The structure as a carboxylic acid anhydride is characterized by the two carboxylic acid groups, which are linked by the removal of a water molecule via an oxygen atom. These are located at the ends of a symmetrical butene chain, closing it into a cyclic structure. With a relatively small molecular size, Maleic Anhydride therefore has several reactive components and contains only two hydrogen atoms due to the compact arrangement and one double bond.
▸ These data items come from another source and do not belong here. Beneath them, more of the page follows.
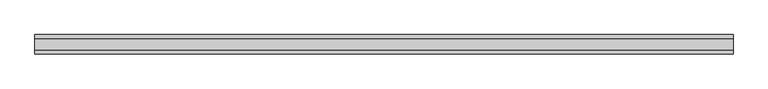
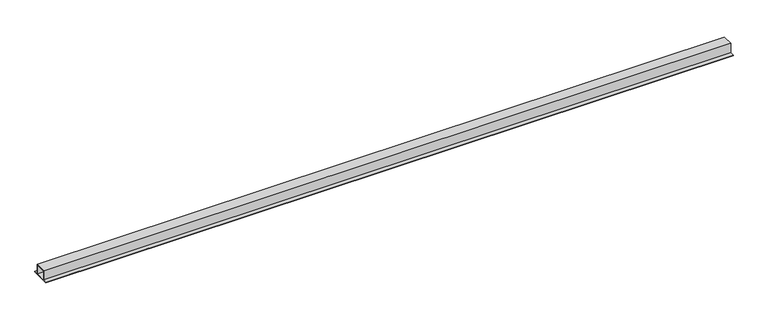
"""IFC4 building model written with IfcOpenShell, lengths in millimetres: beam geometry, NLRS_28_SF_LIB_stalen ligger THQ-AV-CWV-MMBS-SRP_gen_rsf : stalen ligger_gen__THQ_280x10-290x30-550x20."""

from ifc_helpers import new_model, si_unit, frame, origin, place, context, project, spatial, polyline, outline, extrude, source, transform, mapped, element, save


def beam_1759c74d(model_context):
    return source(origin(), model_context, "Body", "SweptSolid", [
        extrude(outline(polyline([(143.5, 280.0), (143.5, 0.0), (263.5, 0.0), (263.5, -20.0), (-286.5, -20.0), (-286.5, 0.0), (-166.5, 0.0), (-166.5, 280.0), (143.5, 280.0)]), holes=[polyline([(133.5, 0.0), (133.5, 250.0), (-156.5, 250.0), (-156.5, 0.0), (133.5, 0.0)])]), frame((-9887.5, 0.0, 0.0), z_axis=(1.0, 0.0, 0.0), x_axis=(0.0, 1.0, 0.0)), (0.0, 0.0, 1.0), 19775.0),
    ])


if __name__ == "__main__":
    model = new_model("IFC4")
    model_context = context("Model", 3, world=origin())
    ifc_project = project(units=[si_unit("LENGTHUNIT", "METRE", prefix="MILLI")], contexts=[model_context])
    site = spatial("IfcSite", under=ifc_project)
    building = spatial("IfcBuilding", under=site)
    placement = place(None, origin())
    beam_shape = beam_1759c74d(model_context)
    element("IfcBeam", 1, ObjectType="NLRS_28_SF_LIB_stalen ligger THQ-AV-CWV-MMBS-SRP_gen_rsf : stalen ligger_gen__THQ_280x10-290x30-550x20", at=placement, inside=building, context=model_context, shape_type="MappedRepresentation", body=[
        mapped(beam_shape, transform((0.0, 0.0, 0.0), x_axis=(1.0, 0.0, 0.0), y_axis=(0.0, 1.0, 0.0), z_axis=(0.0, 0.0, 1.0))),
    ])
    save(model, "model.ifc")

# Revit data of these elements
# Type "NLRS_28_SF_LIB_stalen ligger THQ-AV-CWV-MMBS-SRP_gen_rsf : stalen ligger_gen__THQ_280x10-290x30-550x20"
#   Type IfcGUID = "2GRbcre991teoKeCLB8MAm"
#   IfcExportAs = "IfcBeamType"
#   Type Comments = "THQ 280x10-290x30-550x20"
#   Model = " "
#   Manufacturer = " "
#   Fire Rating = " "
#   Description = "stalen ligger THQ 280x10-290x30-550x20"
#   Assembly Code = "28.11"
#   tw = 10 mm
#   tu = 20 mm
#   to = 30 mm
#   h = 280 mm
#   bu = 550 mm
#   bo = 290 mm
#   NLRS_C_lengte [instance default] = 1500 mm
#   Length [instance default] = 1500 mm
#   RSF_C_vullen_met_beton [instance default] = no
#   RSF_C_petligger = no
#   RSF_C_hoedligger = yes
#   Structural Material = NLRS_h2_staal_gen_rsf
#   Keynote = ""
# Element 1 (IfcBeam, "NLRS_28_SF_LIB_stalen ligger THQ-AV-CWV-MMBS-SRP_gen_rsf : stalen ligger_gen__THQ_280x10-290x30-550x20")
#   NLRS_C_lengte = 19775 mm
#   Materials on its faces: "NLRS_h2_staal_gen_rsf"
# Materials
#   "NLRS_h2_staal_gen_rsf": class "H - Metaal", colour RGB 189 187 185, transparency 0, Keynote = "h2", Manufacturer = "Revit Standards Foundation", URL = "www.revitstandards.org", Description = "staal", Cost = 0
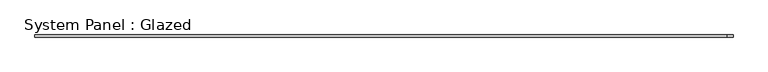
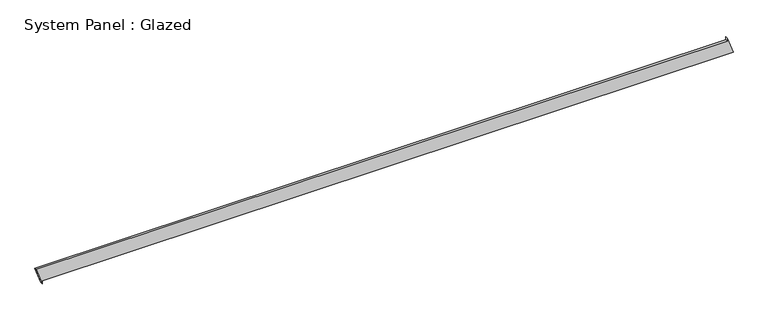
"""IFC4 building model written with IfcOpenShell, lengths in millimetres: plate geometry, System Panel : Glazed."""

from ifc_helpers import new_model, si_unit, frame, origin, place, context, project, spatial, polyline, outline, extrude, source, transform, mapped, element, save


def system_panel_glazed_38c3c94b(model_context):
    return source(origin(), model_context, "Body", "SweptSolid", [
        extrude(outline(polyline([(0.0, -3958.8254362), (35.3553391, -3958.8254362), (35.3553391, 4027.6368042), (234.820266, 3959.126507), (199.4649269, 3959.127058), (199.3404739, -4027.6368042), (0.0, -3958.8254362)])), frame((0.0, -49.5, 0.0), z_axis=(0.0, 1.0, 0.0), x_axis=(0.0, 0.0, 1.0)), (0.0, 0.0, 1.0), 25.0),
    ])


if __name__ == "__main__":
    model = new_model("IFC4")
    model_context = context("Model", 3, world=origin())
    ifc_project = project(units=[si_unit("LENGTHUNIT", "METRE", prefix="MILLI")], contexts=[model_context])
    site = spatial("IfcSite", under=ifc_project)
    building = spatial("IfcBuilding", under=site)
    placement = place(None, origin())
    system_panel_glazed_shape = system_panel_glazed_38c3c94b(model_context)
    element("IfcPlate", 1, ObjectType="System Panel : Glazed", at=placement, inside=building, context=model_context, shape_type="MappedRepresentation", body=[
        mapped(system_panel_glazed_shape, transform((0.0, 0.0, 0.0), x_axis=(1.0, 0.0, 0.0), y_axis=(0.0, 1.0, 0.0), z_axis=(0.0, 0.0, 1.0))),
    ])
    save(model, "model.ifc")

# Revit data of these elements
# Element 1 (IfcPlate, "System Panel : Glazed")
#   Materials on its faces: "Glass"
# Materials
#   "Glass": class "Glass", colour RGB 218 227 224, transparency 0.85, Description = "Soda Lime Glass", Cost = 0
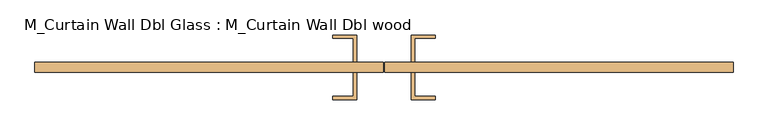
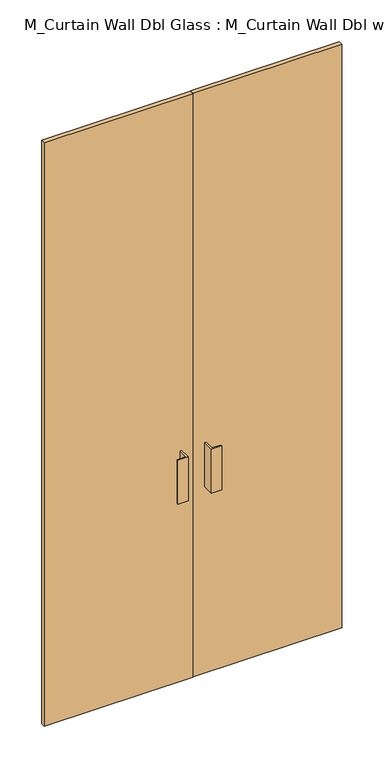
"""IFC4 building model written with IfcOpenShell, lengths in millimetres: door geometry, M_Curtain Wall Dbl Glass : M_Curtain Wall Dbl wood."""

from ifc_helpers import new_model, si_unit, frame, origin, origin_with_axes, place, context, project, spatial, polyline, outline, extrude, source, transform, mapped, element, save


def m_curtain_wall_dbl_glass_m_curtain_wall_dbl_wood_d0b68c61(model_context):
    return source(origin(), model_context, "Body", "SweptSolid", [
        extrude(outline(polyline([(-1.5875, 19.05), (-1.5875, 0.0), (-651.548373, 0.0), (-651.548373, 19.05), (-1.5875, 19.05)])), origin_with_axes(), (0.0, 0.0, 1.0), 2700.0),
        extrude(outline(polyline([(651.548373, 19.05), (651.548373, 0.0), (1.5875, 0.0), (1.5875, 19.05), (651.548373, 19.05)])), origin_with_axes(), (0.0, 0.0, 1.0), 2700.0),
        extrude(outline(polyline([(-50.8, -50.8), (-95.25, -50.8), (-95.25, -44.45), (-57.15, -44.45), (-57.15, 0.0), (-50.8, 0.0), (-50.8, -50.8)])), frame((0.0, 0.0, 863.6), z_axis=(0.0, 0.0, 1.0), x_axis=(1.0, 0.0, 0.0)), (0.0, 0.0, 1.0), 203.2),
        extrude(outline(polyline([(50.8, -50.8), (50.8, 0.0), (57.15, 0.0), (57.15, -44.45), (95.25, -44.45), (95.25, -50.8), (50.8, -50.8)])), frame((0.0, 0.0, 863.6), z_axis=(0.0, 0.0, 1.0), x_axis=(1.0, 0.0, 0.0)), (0.0, 0.0, 1.0), 203.2),
        extrude(outline(polyline([(-50.8, 69.85), (-50.8, 19.05), (-57.15, 19.05), (-57.15, 63.5), (-95.25, 63.5), (-95.25, 69.85), (-50.8, 69.85)])), frame((0.0, 0.0, 863.6), z_axis=(0.0, 0.0, 1.0), x_axis=(1.0, 0.0, 0.0)), (0.0, 0.0, 1.0), 203.2),
        extrude(outline(polyline([(50.8, 69.85), (95.25, 69.85), (95.25, 63.5), (57.15, 63.5), (57.15, 19.05), (50.8, 19.05), (50.8, 69.85)])), frame((0.0, 0.0, 863.6), z_axis=(0.0, 0.0, 1.0), x_axis=(1.0, 0.0, 0.0)), (0.0, 0.0, 1.0), 203.2),
    ])


if __name__ == "__main__":
    model = new_model("IFC4")
    model_context = context("Model", 3, world=origin())
    ifc_project = project(units=[si_unit("LENGTHUNIT", "METRE", prefix="MILLI")], contexts=[model_context])
    site = spatial("IfcSite", under=ifc_project)
    building = spatial("IfcBuilding", under=site)
    placement = place(None, origin())
    m_curtain_wall_dbl_glass_m_curtain_wall_dbl_wood_shape = m_curtain_wall_dbl_glass_m_curtain_wall_dbl_wood_d0b68c61(model_context)
    element("IfcDoor", 1, ObjectType="M_Curtain Wall Dbl Glass : M_Curtain Wall Dbl wood", at=placement, inside=building, context=model_context, shape_type="MappedRepresentation", body=[
        mapped(m_curtain_wall_dbl_glass_m_curtain_wall_dbl_wood_shape, transform((0.0, 0.0, 0.0), x_axis=(1.0, 0.0, 0.0), y_axis=(0.0, 1.0, 0.0), z_axis=(0.0, 0.0, 1.0))),
    ])
    save(model, "model.ifc")

# Revit data of these elements
# Type "M_Curtain Wall Dbl Glass : M_Curtain Wall Dbl wood"
#   Model = "12345679"
#   Manufacturer = "Dublin Doors"
#   Description = "Double Wood Door"
#   Type Mark = "46"
#   Fire Rating = "60M"
#   COBie.Type.CreatedBy = "design@eagle.com"
#   COBie.Type.CreatedOn = "2016-09-13T05:47:35"
#   COBie.Type.Name = "Doors_M_Curtain Wall Dbl Glass_M_Curtain Wall Dbl wood"
#   COBie.Type.Category = "23-30 10 00 : Doors"
#   COBie.Type.Description = "Double Wood Door"
#   COBie.Type.Manufacturer = "Dublin Doors"
#   COBie.Type.ModelNumber = "12345679"
#   Construction Type Id = "opn-d36"
#   Analytic Construction = "Wood panel"
#   COBie.Type.ReplacementCost = 0
#   Offset = 0 mm
#   Heat Transfer Coefficient (U) = 3.8042 W/(m²·K)
#   COBie.Type = yes
#   Function = 1
#   Glazing Material = Door - Panel
#   Visual Light Transmittance = 0
#   Solar Heat Gain Coefficient = 0
# Element 1 (IfcDoor, "M_Curtain Wall Dbl Glass : M_Curtain Wall Dbl wood")
#   Materials on its faces: "Aluminum", "Door - Panel"
# Materials
#   "Door - Panel": class "Wood", colour RGB 210 159 95, transparency 0
#   "Aluminum": class "Metal", colour RGB 247 247 247, transparency 0, Description = "Aluminum 6061", Cost = 0
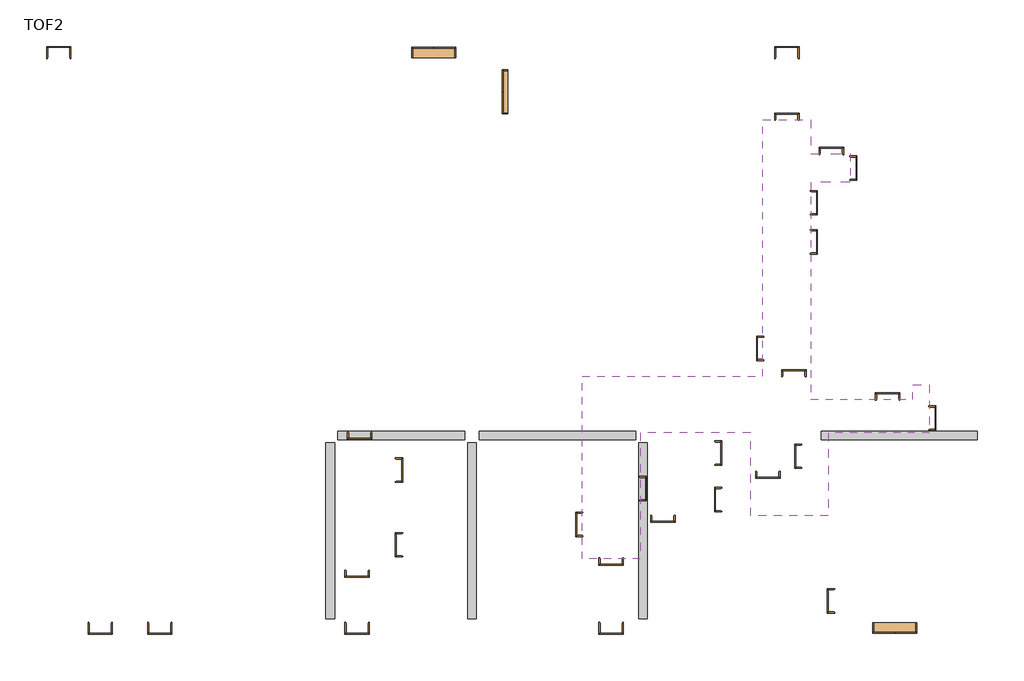
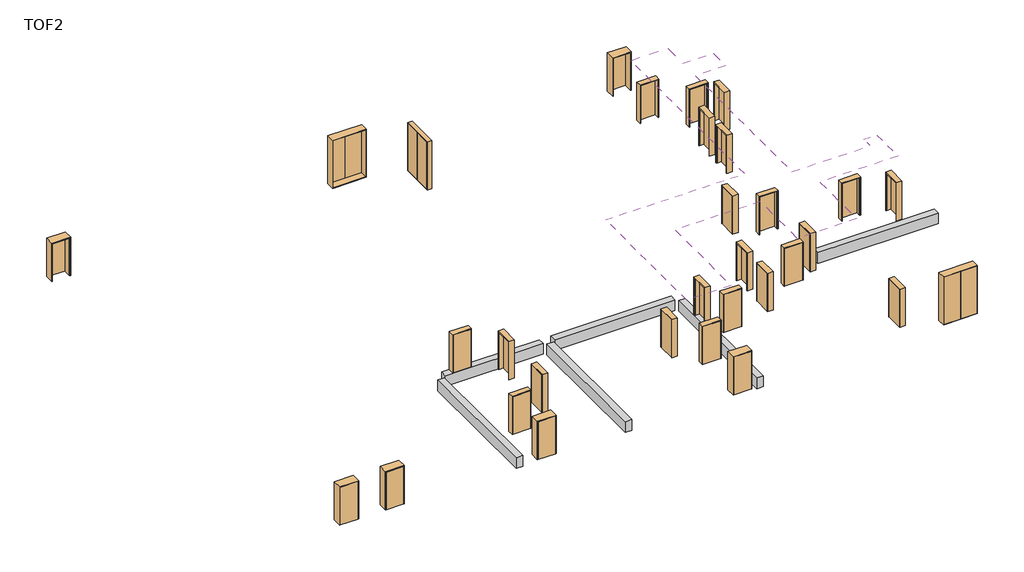
# One storey: 31 doors, 6 beams, 1 covering.
# Revit data of these elements (continued)
# Room at (44824.7, 22985.521) mm, phase "New Construction", upper level "TOC", upper offset 6500.000 mm, lower offset -1000.000 mm (continued)
#   Floor Finish Style Name = "Vinyl Tile on Screed + Matwell"
#   Base Finish Style Name = "Coved Vinyl Tile"
#   Base Finish Ref. = ""
#   Base-Base Material = "Concrete Wall\n/ Masonry Wall"
#   Base Finish-1 = ""
#   Base Finish-2 = ""
#   Base Finish-3 = "Vinyl Tile"
#   Base Finish-4 = ""
#   Wall Finish-1 = "Acrylic Emulsion Paint on Cement Plaster"
#   Wall Finish-2 = "T13 Plaster"
#   Wall Finish-3 = "Masonry Wall"
#   Wall Finish-4 = "Plastering"
#   Ceiling Finish Style Name = "Suspended Acoustic Tiled Ceiling (T-Bar)"
#   Ceiling Finish Ref. = "600x600\nT Bar"
#   Ceiling-Base Material = "Concrete Slab"
#   Ceiling Finish-1 = ""
#   Ceiling Finish-2 = ""
#   Ceiling Finish-3 = "Acoustic Tiled Ceiling System (T-Bar)"
#   Ceiling Finish-4 = ""
#   H_Room L = 2600.000 mm
#   H_Room W = 2200.000 mm
#   H_Room H or CH = 6300.000 mm
#   Floor Finish Style No = F34A-1
#   Base Finish Style No = B35A
#   Wall Finish Style No = W01B
#   Ceiling Finish Style No = C95A
# Room at (47424.7, 22284.021) mm, phase "New Construction", upper level "TOC", upper offset 6500.000 mm, lower offset -1000.000 mm
#   Comments = ""
#   Number = "105"
#   Name = "LIBRARY"
#   Floor Finish Style Name = "Vinyl Tile on Screed"
#   Floor Finish Ref. = ""
#   Floor-Base Material = "Concrete Slab"
#   Floor Finish-1 = "Screed"
#   Floor Finish-2 = ""
#   Floor Finish-3 = "Vinyl Tile"
#   Floor Finish-4 = ""
#   Base Finish Style Name = "Coved Vinyl Tile"
#   Base Finish Ref. = ""
#   Base-Base Material = "Concrete Wall\n/ Masonry Wall"
#   Base Finish-1 = ""
#   Base Finish-2 = ""
#   Base Finish-3 = "Vinyl Tile"
#   Base Finish-4 = ""
#   Wall Finish-1 = "Acrylic Emulsion Paint on Cement Plaster"
#   Wall Finish-2 = "T13 Plaster"
#   Wall Finish-3 = "Masonry Wall"
#   Wall Finish-4 = "Plastering"
#   Ceiling Finish Style Name = "Suspended Acoustic Tiled Ceiling (T-Bar)"
#   Ceiling Finish Ref. = "600x600\nT Bar"
#   Ceiling-Base Material = "Concrete Slab"
#   Ceiling Finish-1 = ""
#   Ceiling Finish-2 = ""
#   Ceiling Finish-3 = "Acoustic Tiled Ceiling System (T-Bar)"
#   Ceiling Finish-4 = ""
#   H_Room L = 4000.000 mm
#   H_Room W = 3000.000 mm
#   H_Room H or CH = 6300.000 mm
#   Floor Finish Style No = F34A
#   Base Finish Style No = B35A
#   Wall Finish Style No = W01B
#   Ceiling Finish Style No = C95A
# Room at (50025.7, 21584.021) mm, phase "New Construction", upper level "TOC", upper offset 6500.000 mm, lower offset -1000.000 mm
#   Comments = ""
#   Number = "106"
#   Name = "SHIFT SUPERVISOR/DAY SUPERVISOR"
#   Floor Finish Style Name = "Vinyl Tile on Screed"
#   Floor Finish Ref. = ""
#   Floor-Base Material = "Concrete Slab"
#   Floor Finish-1 = "Screed"
#   Floor Finish-2 = ""
#   Floor Finish-3 = "Vinyl Tile"
#   Floor Finish-4 = ""
#   Base Finish Style Name = "Coved Vinyl Tile"
#   Base Finish Ref. = ""
#   Base-Base Material = "Concrete Wall\n/ Masonry Wall"
#   Base Finish-1 = ""
#   Base Finish-2 = ""
#   Base Finish-3 = "Vinyl Tile"
#   Base Finish-4 = ""
#   Wall Finish-1 = "Acrylic Emulsion Paint on Cement Plaster"
#   Wall Finish-2 = "T13 Plaster"
#   Wall Finish-3 = "Masonry Wall"
#   Wall Finish-4 = "Plastering"
#   Ceiling Finish Style Name = "Suspended Acoustic Tiled Ceiling (T-Bar)"
#   Ceiling Finish Ref. = "600x600\nT Bar"
#   Ceiling-Base Material = "Concrete Slab"
#   Ceiling Finish-1 = ""
#   Ceiling Finish-2 = ""
#   Ceiling Finish-3 = "Acoustic Tiled Ceiling System (T-Bar)"
#   Ceiling Finish-4 = ""
#   H_Room L = 5400.000 mm
#   H_Room W = 5400.000 mm
#   H_Room H or CH = 6300.000 mm
#   Floor Finish Style No = F34A
#   Base Finish Style No = B35A
#   Wall Finish Style No = W01B
#   Ceiling Finish Style No = C95A
# Room at (25599.7, 16059.021) mm, phase "New Construction", upper level "TOC", upper offset 6500.000 mm, lower offset -1000.000 mm
#   Comments = ""
#   Number = "102"
#   Name = "RACK ROOM [F-1]"
#   Floor Finish Style Name = "Anti-Dust Epoxy Paint on Steel trowel Finish + Anti-Static Vinyl Tile on Raised Floor"
#   Floor Finish Ref. = "600x600, H=1000"
#   Floor-Base Material = "Concrete Slab"
#   Floor Finish-1 = "Steel Trowel Finish"
#   Floor Finish-2 = "Anti-Dust Paint"
#   Floor Finish-3 = "Raised Floor_Anti-Static Vinyl Tile"
#   Floor Finish-4 = ""
#   Base Finish Style Name = "Coved Vinyl Tile"
#   Base Finish Ref. = ""
#   Base-Base Material = "Concrete Wall\n/ Masonry Wall"
#   Base Finish-1 = ""
#   Base Finish-2 = ""
#   Base Finish-3 = "Vinyl Tile"
#   Base Finish-4 = ""
#   Wall Finish-1 = "Acrylic Emulsion Paint on Cement Plaster"
#   Wall Finish-2 = "T13 Plaster"
#   Wall Finish-3 = "Masonry Wall"
#   Wall Finish-4 = "Plastering"
#   Ceiling Finish Style Name = "Suspended Acoustic Tiled Ceiling (T-Bar)"
#   Ceiling Finish Ref. = "600x600\nT Bar"
#   Ceiling-Base Material = "Concrete Slab"
#   Ceiling Finish-1 = ""
#   Ceiling Finish-2 = ""
#   Ceiling Finish-3 = "Acoustic Tiled Ceiling System (T-Bar)"
#   Ceiling Finish-4 = ""
#   H_Room L = 15600.000 mm
#   H_Room W = 15300.000 mm
#   H_Room H or CH = 3000.000 mm
#   Floor Finish Style No = F91
#   Base Finish Style No = B35A
#   Wall Finish Style No = W01B
#   Ceiling Finish Style No = C95A
# Room at (40466.2, 6715.021) mm, phase "New Construction", upper level "TOC", upper offset 6500.000 mm, lower offset -1000.000 mm
#   Comments = ""
#   Number = "121"
#   Name = "LOCKER"
#   Floor Finish Style Name = "Non-Slip Unglazed Ceramic Tile on Screed"
#   Floor Finish Ref. = ""
#   Floor-Base Material = "Concrete Slab"
#   Floor Finish-1 = "Screed"
#   Floor Finish-2 = ""
#   Floor Finish-3 = "Ceramic Tile"
#   Floor Finish-4 = ""
#   Base Finish Style Name = "Coved Ceramic Tile"
#   Base Finish Ref. = ""
#   Base-Base Material = "Concrete Wall\n/ Masonry Wall"
#   Base Finish-1 = ""
#   Base Finish-2 = ""
#   Base Finish-3 = "Glazed Ceramic Tile"
#   Base Finish-4 = ""
#   Wall Finish-1 = "Glazed Ceramic Tile (<=2100) / Acrylic Emulsion Paint (>2100) on Cement Plaster"
#   Wall Finish-2 = "H=2100"
#   Ceiling Finish Style Name = "Suspended Moisture Resistant Tiled Ceiling (T-Bar)"
#   Ceiling Finish Ref. = "600x600\nT bar"
#   Ceiling-Base Material = "Concrete Slab"
#   Ceiling Finish-1 = ""
#   Ceiling Finish-2 = ""
#   Ceiling Finish-3 = "Moisture Resistant Tiled Ceiling System (T-Bar)"
#   Ceiling Finish-4 = ""
#   H_Room L = 3400.000 mm
#   H_Room W = 3000.000 mm
#   H_Room H or CH = 7300.000 mm
#   Floor Finish Style No = F31A
#   Base Finish Style No = B32
#   Wall Finish Style No = W32B-1
#   Ceiling Finish Style No = C96A
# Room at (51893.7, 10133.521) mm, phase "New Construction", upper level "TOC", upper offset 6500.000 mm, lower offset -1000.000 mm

In contact with water, it quickly turns into maleic acid through hydrolysis.

Maleic Anhydride occurs as a solid in the form of white or colorless flakes and crystals, but due to its low melting range it is also traded and stored as a hot melt. In addition, the substance changes directly into the gaseous state at room temperature. Maleic Anhydride gives off a sharp, penetrating odor.

Maleic Anhydride is readily soluble in diethyl ether and most other organic solvents. In water, it rapidly hydrolyzes to maleic acid.


Maleic Anhydride is extremely reactive and is suitable for use as a monomer or comonomer in polymerization processes. In addition to polycondensation reactions, maleic anhydride can also be used in polyaddition reactions. As an unsaturated compound, it tends to undergo addition reactions with the breaking of its double bond. Dimerization to cyclobutanetetracarboxylic acid dianhydride, which is used in LCD screens, for example, can also take place under UV light. Two molecules of maleic anhydride each break their double bonds and instead connect via a square carbon structure.

In water, Maleic Anhydride hydrolyzes exothermically to maleic acid. In contact with alcohols, the corresponding maleic acid esters are formed. When reacting with amines or ammonia, monoamides are formed. In general, maleic anhydride reacts quickly with strong oxidizing agents, but also with bases and most metals.

Maleic Anhydride is combustible but not flammable and in its pure form not explosive. However, the formation of explosive dust-air mixtures cannot be ruled out. In this case, ignition is possible from ignition sources such as grinding sparks or electrostatic charges.

Maleic Anhydride is harmful if swallowed; organ damage and mucosal ulcers, among other things, can occur. After accidental ingestion of the compound, the mouth should be rinsed out immediately with water and plenty of water should be drunk afterwards. Direct contact with the compound can cause serious eye damage, severe skin burns and allergic skin reactions. Affected areas should be rinsed thoroughly and medical attention sought. Maleic anhydride is also corrosive to the respiratory tract. Inhalation of dusts or vapors may cause temporary breathing difficulties, allergic reactions and asthmatic symptoms. Even fatal pulmonary edema can occur. Repeated or prolonged exposure can cause permanent damage to the airways and trigger chronic bronchitis. Comprehensive protective measures must therefore be taken. Containers must not be left open.

Due to its rapid hydrolysis to maleic acid, maleic anhydride does not persist in the environment for long. However, the compound is harmful to aquatic organisms and is considered a slightly water-polluting substance. Maleic acid is biodegradable.